- Directed by: Arjun
- Written by: Arjun
- Produced by: J. Ashok Kumar
- Starring: Kashinath; Archana; Tarun; Ruthu;
- Cinematography: Mallikarjuna
- Edited by: S. Prasad
- Music by: L. N. Shastri
- Production company: Ashok Films
- Release date: 8 February 2000;
- Country: India
- Language: Kannada

= Mava Mava Maduve Mado =

Mava Mava Maduve Mado is a 2000 Indian Kannada-language comedy drama film directed by Arjun and starring Kashinath, Tarun, Archana and Ruthu.

== Soundtrack ==

The music was composed by L. N. Shastri. The lyrics for the soundtrack were written by Arjun and K. Kalyan. The soundtrack album consist of nine tracks.

Track listing
| No. | Title | Singer(s) | Length |
|---|---|---|---|
| 1. | "Ee Hethordonde Drama" | Rajesh Krishnan, Mangala Ravi, Archana Udupa, Suma Shastri, L. N. Shastri, M. R. Ramesh | 4:15 |
| 2. | "Hakki Hakki" | Suresh Peters, L. N. Shastri | 4:33 |
| 3. | "Kaasilla Karimani Illa" | L. N. Shastri | 0:53 |
| 4. | "Maava Maava Maduve" | L. N. Shastri | 5:23 |
| 5. | "Marriage Andre" | L. N. Shastri | 1:44 |
| 6. | "Plastic Moldinga" | L. N. Shastri | 1:02 |
| 7. | "Sone Maleya Bennero" | Suma Shastri | 5:18 |
| 8. | "Sone Maleya Haniyella" | Suma Shastri, L. N. Shastri | 5:19 |
| 9. | "Usire Mellusire" | Rajesh Krishnan, Archana Udupa | 5:22 |
| Total length: |  |  | 33:49 |

== Reception ==
A critic from Deccan Herald wrote that "This flick is a big disappointment for Kashinath fans.
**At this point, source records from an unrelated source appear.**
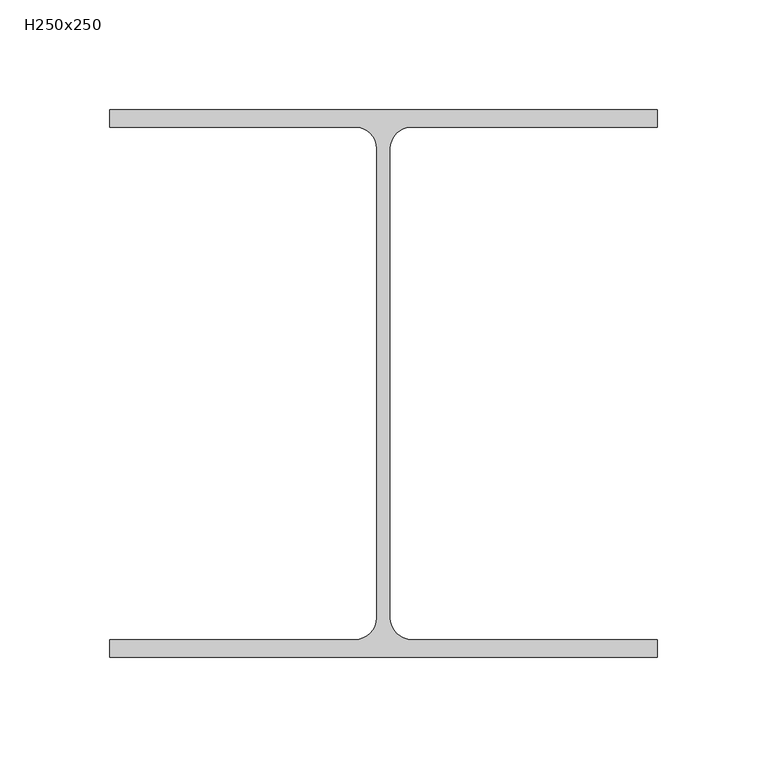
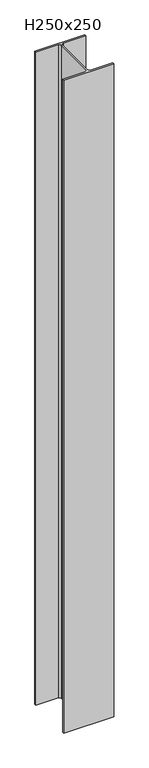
"""IFC4 building model written with IfcOpenShell, lengths in millimetres: column geometry, H型鋼柱 : H250x250."""

from ifc_helpers import new_model, si_unit, point, frame_2d, origin, origin_with_axes, place, context, project, spatial, polyline, circle_curve, trimmed, segment, composite_curve, outline, extrude, source, transform, mapped, element, save


def h250x250_a277a9c0(model_context):
    return source(origin(), model_context, "Body", "SweptSolid", [
        extrude(outline(composite_curve([segment(polyline([(125.0, 125.0), (125.0, 117.0), (13.0, 117.0)]), True, "CONTINUOUS"), segment(trimmed(circle_curve(frame_2d((13.0, 107.0)), 10.0), [point((13.0, 117.0))], [point((3.0, 107.0))], True, "CARTESIAN"), True, "CONTINUOUS"), segment(polyline([(3.0, 107.0), (3.0, -107.0)]), True, "CONTINUOUS"), segment(trimmed(circle_curve(frame_2d((13.0, -107.0)), 10.0), [point((3.0, -107.0))], [point((13.0, -117.0))], True, "CARTESIAN"), True, "CONTINUOUS"), segment(polyline([(13.0, -117.0), (125.0, -117.0), (125.0, -125.0), (-125.0, -125.0), (-125.0, -117.0), (-13.0, -117.0)]), True, "CONTINUOUS"), segment(trimmed(circle_curve(frame_2d((-13.0, -107.0)), 10.0), [point((-13.0, -117.0))], [point((-3.0, -107.0))], True, "CARTESIAN"), True, "CONTINUOUS"), segment(polyline([(-3.0, -107.0), (-3.0, 107.0)]), True, "CONTINUOUS"), segment(trimmed(circle_curve(frame_2d((-13.0, 107.0)), 10.0), [point((-3.0, 107.0))], [point((-13.0, 117.0))], True, "CARTESIAN"), True, "CONTINUOUS"), segment(polyline([(-13.0, 117.0), (-125.0, 117.0), (-125.0, 125.0), (125.0, 125.0)]), True, "CONTINUOUS")], self_intersect=False)), origin_with_axes(), (0.0, 0.0, 1.0), 3450.0),
    ])


if __name__ == "__main__":
    model = new_model("IFC4")
    model_context = context("Model", 3, world=origin())
    ifc_project = project(units=[si_unit("LENGTHUNIT", "METRE", prefix="MILLI")], contexts=[model_context])
    site = spatial("IfcSite", under=ifc_project)
    building = spatial("IfcBuilding", under=site)
    placement = place(None, origin())
    h250x250_shape = h250x250_a277a9c0(model_context)
    element("IfcColumn", 1, ObjectType="H型鋼柱 : H250x250", at=placement, inside=building, context=model_context, shape_type="MappedRepresentation", body=[
        mapped(h250x250_shape, transform((0.0, 0.0, 0.0), x_axis=(1.0, 0.0, 0.0), y_axis=(0.0, 1.0, 0.0), z_axis=(0.0, 0.0, 1.0))),
    ])
    save(model, "model.ifc")

Though the story-line is comical and sounds interesting, the film is drab with director Arjun completely losing his grip over the narration. Otherwise, Mava Mava Maduve Mado would have been another typical Kashinath movie with all the masala ingredients and a few doses of social messages".